TASK TO COMPLETE :: The required output is the whole listing below, unchanged.

RAW DATA ::

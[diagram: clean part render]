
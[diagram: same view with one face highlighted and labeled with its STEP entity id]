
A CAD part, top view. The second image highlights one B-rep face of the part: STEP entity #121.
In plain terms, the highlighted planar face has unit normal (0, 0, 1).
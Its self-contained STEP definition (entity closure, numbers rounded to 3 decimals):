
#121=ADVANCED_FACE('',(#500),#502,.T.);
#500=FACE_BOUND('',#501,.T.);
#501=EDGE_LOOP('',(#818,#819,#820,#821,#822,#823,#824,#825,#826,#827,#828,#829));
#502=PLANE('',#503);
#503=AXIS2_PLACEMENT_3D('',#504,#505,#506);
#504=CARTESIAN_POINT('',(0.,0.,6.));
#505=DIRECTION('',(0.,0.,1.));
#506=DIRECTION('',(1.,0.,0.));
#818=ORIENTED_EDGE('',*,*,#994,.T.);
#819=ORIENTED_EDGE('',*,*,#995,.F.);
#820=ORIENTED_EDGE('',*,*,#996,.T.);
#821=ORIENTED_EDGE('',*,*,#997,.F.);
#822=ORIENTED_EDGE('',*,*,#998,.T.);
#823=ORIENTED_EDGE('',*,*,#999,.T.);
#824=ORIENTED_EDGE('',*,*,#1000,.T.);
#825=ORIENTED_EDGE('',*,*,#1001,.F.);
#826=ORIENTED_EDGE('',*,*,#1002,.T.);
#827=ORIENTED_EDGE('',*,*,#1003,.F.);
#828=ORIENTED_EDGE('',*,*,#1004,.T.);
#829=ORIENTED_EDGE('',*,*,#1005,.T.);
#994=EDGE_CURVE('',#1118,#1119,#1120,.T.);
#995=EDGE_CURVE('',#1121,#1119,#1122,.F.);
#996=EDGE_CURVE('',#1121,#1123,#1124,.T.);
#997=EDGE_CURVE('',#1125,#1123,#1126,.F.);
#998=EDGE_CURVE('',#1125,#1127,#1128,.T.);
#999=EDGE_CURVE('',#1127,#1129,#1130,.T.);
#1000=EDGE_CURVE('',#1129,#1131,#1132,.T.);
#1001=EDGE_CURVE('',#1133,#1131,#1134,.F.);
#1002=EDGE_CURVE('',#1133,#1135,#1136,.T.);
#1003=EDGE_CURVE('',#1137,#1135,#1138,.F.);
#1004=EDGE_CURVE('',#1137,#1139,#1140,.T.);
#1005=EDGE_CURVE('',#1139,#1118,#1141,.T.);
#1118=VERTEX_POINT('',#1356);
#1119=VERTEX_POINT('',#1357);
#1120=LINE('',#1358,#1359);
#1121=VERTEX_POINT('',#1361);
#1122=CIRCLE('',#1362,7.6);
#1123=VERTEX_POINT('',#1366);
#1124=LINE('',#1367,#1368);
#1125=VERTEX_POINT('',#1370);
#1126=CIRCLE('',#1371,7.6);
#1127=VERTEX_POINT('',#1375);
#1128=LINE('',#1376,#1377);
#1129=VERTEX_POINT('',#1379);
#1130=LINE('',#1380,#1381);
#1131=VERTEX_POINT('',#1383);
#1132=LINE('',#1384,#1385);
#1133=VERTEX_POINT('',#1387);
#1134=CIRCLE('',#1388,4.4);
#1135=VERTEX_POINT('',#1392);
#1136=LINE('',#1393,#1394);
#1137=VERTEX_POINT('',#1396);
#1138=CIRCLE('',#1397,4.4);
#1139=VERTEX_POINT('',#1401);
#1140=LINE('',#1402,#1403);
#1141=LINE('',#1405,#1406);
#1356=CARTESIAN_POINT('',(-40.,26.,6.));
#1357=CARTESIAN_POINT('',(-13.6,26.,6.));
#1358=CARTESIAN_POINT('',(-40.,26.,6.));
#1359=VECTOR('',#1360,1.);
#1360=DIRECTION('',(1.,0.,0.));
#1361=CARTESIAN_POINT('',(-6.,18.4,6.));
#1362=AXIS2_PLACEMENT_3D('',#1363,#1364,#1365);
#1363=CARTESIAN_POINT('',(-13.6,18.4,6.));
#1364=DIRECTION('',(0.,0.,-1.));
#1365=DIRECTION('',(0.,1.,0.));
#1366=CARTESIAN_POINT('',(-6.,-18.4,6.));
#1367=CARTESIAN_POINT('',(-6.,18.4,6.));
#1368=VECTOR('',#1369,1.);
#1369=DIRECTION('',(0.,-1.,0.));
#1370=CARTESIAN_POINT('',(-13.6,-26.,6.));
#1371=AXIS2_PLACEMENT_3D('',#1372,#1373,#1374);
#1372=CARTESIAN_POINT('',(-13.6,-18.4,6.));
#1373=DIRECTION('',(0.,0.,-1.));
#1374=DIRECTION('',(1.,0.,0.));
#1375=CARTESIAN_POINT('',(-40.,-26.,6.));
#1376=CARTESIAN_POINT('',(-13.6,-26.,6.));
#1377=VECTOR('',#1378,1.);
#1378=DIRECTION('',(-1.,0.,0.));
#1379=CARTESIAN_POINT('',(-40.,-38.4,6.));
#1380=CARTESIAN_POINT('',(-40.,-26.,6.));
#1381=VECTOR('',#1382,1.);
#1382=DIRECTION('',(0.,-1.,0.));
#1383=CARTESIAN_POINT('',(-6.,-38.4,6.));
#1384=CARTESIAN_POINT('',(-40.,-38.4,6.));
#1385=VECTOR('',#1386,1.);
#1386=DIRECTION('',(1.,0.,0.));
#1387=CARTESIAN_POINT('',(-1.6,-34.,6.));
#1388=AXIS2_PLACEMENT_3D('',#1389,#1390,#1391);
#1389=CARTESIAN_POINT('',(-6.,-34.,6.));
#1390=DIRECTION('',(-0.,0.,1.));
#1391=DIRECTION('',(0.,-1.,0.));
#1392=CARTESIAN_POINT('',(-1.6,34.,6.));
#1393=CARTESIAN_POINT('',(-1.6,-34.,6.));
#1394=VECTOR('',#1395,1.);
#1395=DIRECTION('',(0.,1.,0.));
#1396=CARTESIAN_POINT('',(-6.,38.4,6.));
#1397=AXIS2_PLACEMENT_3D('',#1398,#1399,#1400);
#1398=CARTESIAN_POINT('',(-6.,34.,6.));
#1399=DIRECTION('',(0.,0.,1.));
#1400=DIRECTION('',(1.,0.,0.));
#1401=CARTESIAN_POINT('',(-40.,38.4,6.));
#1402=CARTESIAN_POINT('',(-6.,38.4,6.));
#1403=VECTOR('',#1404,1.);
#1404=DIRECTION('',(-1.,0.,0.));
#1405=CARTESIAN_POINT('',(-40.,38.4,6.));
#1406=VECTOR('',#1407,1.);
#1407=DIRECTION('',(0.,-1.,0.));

TASK RESULT ::
[diagram: clean part render]
[diagram: same view with one face highlighted and labeled with its STEP entity id]
A CAD part, top view. The second image highlights one B-rep face of the part: STEP entity #121.
In plain terms, the highlighted planar face has unit normal (0, 0, 1).
Its self-contained STEP definition (entity closure, numbers rounded to 3 decimals):
#121=ADVANCED_FACE('',(#500),#502,.T.);
#500=FACE_BOUND('',#501,.T.);
#501=EDGE_LOOP('',(#818,#819,#820,#821,#822,#823,#824,#825,#826,#827,#828,#829));
#502=PLANE('',#503);
#503=AXIS2_PLACEMENT_3D('',#504,#505,#506);
#504=CARTESIAN_POINT('',(0.,0.,6.));
#505=DIRECTION('',(0.,0.,1.));
#506=DIRECTION('',(1.,0.,0.));
#818=ORIENTED_EDGE('',*,*,#994,.T.);
#819=ORIENTED_EDGE('',*,*,#995,.F.);
#820=ORIENTED_EDGE('',*,*,#996,.T.);
#821=ORIENTED_EDGE('',*,*,#997,.F.);
#822=ORIENTED_EDGE('',*,*,#998,.T.);
#823=ORIENTED_EDGE('',*,*,#999,.T.);
#824=ORIENTED_EDGE('',*,*,#1000,.T.);
#825=ORIENTED_EDGE('',*,*,#1001,.F.);
#826=ORIENTED_EDGE('',*,*,#1002,.T.);
#827=ORIENTED_EDGE('',*,*,#1003,.F.);
#828=ORIENTED_EDGE('',*,*,#1004,.T.);
#829=ORIENTED_EDGE('',*,*,#1005,.T.);
#994=EDGE_CURVE('',#1118,#1119,#1120,.T.);
#995=EDGE_CURVE('',#1121,#1119,#1122,.F.);
#996=EDGE_CURVE('',#1121,#1123,#1124,.T.);
#997=EDGE_CURVE('',#1125,#1123,#1126,.F.);
#998=EDGE_CURVE('',#1125,#1127,#1128,.T.);
#999=EDGE_CURVE('',#1127,#1129,#1130,.T.);
#1000=EDGE_CURVE('',#1129,#1131,#1132,.T.);
#1001=EDGE_CURVE('',#1133,#1131,#1134,.F.);
#1002=EDGE_CURVE('',#1133,#1135,#1136,.T.);
#1003=EDGE_CURVE('',#1137,#1135,#1138,.F.);
#1004=EDGE_CURVE('',#1137,#1139,#1140,.T.);
#1005=EDGE_CURVE('',#1139,#1118,#1141,.T.);
#1118=VERTEX_POINT('',#1356);
#1119=VERTEX_POINT('',#1357);
#1120=LINE('',#1358,#1359);
#1121=VERTEX_POINT('',#1361);
#1122=CIRCLE('',#1362,7.6);
#1123=VERTEX_POINT('',#1366);
#1124=LINE('',#1367,#1368);
#1125=VERTEX_POINT('',#1370);
#1126=CIRCLE('',#1371,7.6);
#1127=VERTEX_POINT('',#1375);
#1128=LINE('',#1376,#1377);
#1129=VERTEX_POINT('',#1379);
#1130=LINE('',#1380,#1381);
#1131=VERTEX_POINT('',#1383);
#1132=LINE('',#1384,#1385);
#1133=VERTEX_POINT('',#1387);
#1134=CIRCLE('',#1388,4.4);
#1135=VERTEX_POINT('',#1392);
#1136=LINE('',#1393,#1394);
#1137=VERTEX_POINT('',#1396);
#1138=CIRCLE('',#1397,4.4);
#1139=VERTEX_POINT('',#1401);
#1140=LINE('',#1402,#1403);
#1141=LINE('',#1405,#1406);
#1356=CARTESIAN_POINT('',(-40.,26.,6.));
#1357=CARTESIAN_POINT('',(-13.6,26.,6.));
#1358=CARTESIAN_POINT('',(-40.,26.,6.));
#1359=VECTOR('',#1360,1.);
#1360=DIRECTION('',(1.,0.,0.));
#1361=CARTESIAN_POINT('',(-6.,18.4,6.));
#1362=AXIS2_PLACEMENT_3D('',#1363,#1364,#1365);
#1363=CARTESIAN_POINT('',(-13.6,18.4,6.));
#1364=DIRECTION('',(0.,0.,-1.));
#1365=DIRECTION('',(0.,1.,0.));
#1366=CARTESIAN_POINT('',(-6.,-18.4,6.));
#1367=CARTESIAN_POINT('',(-6.,18.4,6.));
#1368=VECTOR('',#1369,1.);
#1369=DIRECTION('',(0.,-1.,0.));
#1370=CARTESIAN_POINT('',(-13.6,-26.,6.));
#1371=AXIS2_PLACEMENT_3D('',#1372,#1373,#1374);
#1372=CARTESIAN_POINT('',(-13.6,-18.4,6.));
#1373=DIRECTION('',(0.,0.,-1.));
#1374=DIRECTION('',(1.,0.,0.));
#1375=CARTESIAN_POINT('',(-40.,-26.,6.));
#1376=CARTESIAN_POINT('',(-13.6,-26.,6.));
#1377=VECTOR('',#1378,1.);
#1378=DIRECTION('',(-1.,0.,0.));
#1379=CARTESIAN_POINT('',(-40.,-38.4,6.));
#1380=CARTESIAN_POINT('',(-40.,-26.,6.));
#1381=VECTOR('',#1382,1.);
#1382=DIRECTION('',(0.,-1.,0.));
#1383=CARTESIAN_POINT('',(-6.,-38.4,6.));
#1384=CARTESIAN_POINT('',(-40.,-38.4,6.));
#1385=VECTOR('',#1386,1.);
#1386=DIRECTION('',(1.,0.,0.));
#1387=CARTESIAN_POINT('',(-1.6,-34.,6.));
#1388=AXIS2_PLACEMENT_3D('',#1389,#1390,#1391);
#1389=CARTESIAN_POINT('',(-6.,-34.,6.));
#1390=DIRECTION('',(-0.,0.,1.));
#1391=DIRECTION('',(0.,-1.,0.));
#1392=CARTESIAN_POINT('',(-1.6,34.,6.));
#1393=CARTESIAN_POINT('',(-1.6,-34.,6.));
#1394=VECTOR('',#1395,1.);
#1395=DIRECTION('',(0.,1.,0.));
#1396=CARTESIAN_POINT('',(-6.,38.4,6.));
#1397=AXIS2_PLACEMENT_3D('',#1398,#1399,#1400);
#1398=CARTESIAN_POINT('',(-6.,34.,6.));
#1399=DIRECTION('',(0.,0.,1.));
#1400=DIRECTION('',(1.,0.,0.));
#1401=CARTESIAN_POINT('',(-40.,38.4,6.));
#1402=CARTESIAN_POINT('',(-6.,38.4,6.));
#1403=VECTOR('',#1404,1.);
#1404=DIRECTION('',(-1.,0.,0.));
#1405=CARTESIAN_POINT('',(-40.,38.4,6.));
#1406=VECTOR('',#1407,1.);
#1407=DIRECTION('',(0.,-1.,0.));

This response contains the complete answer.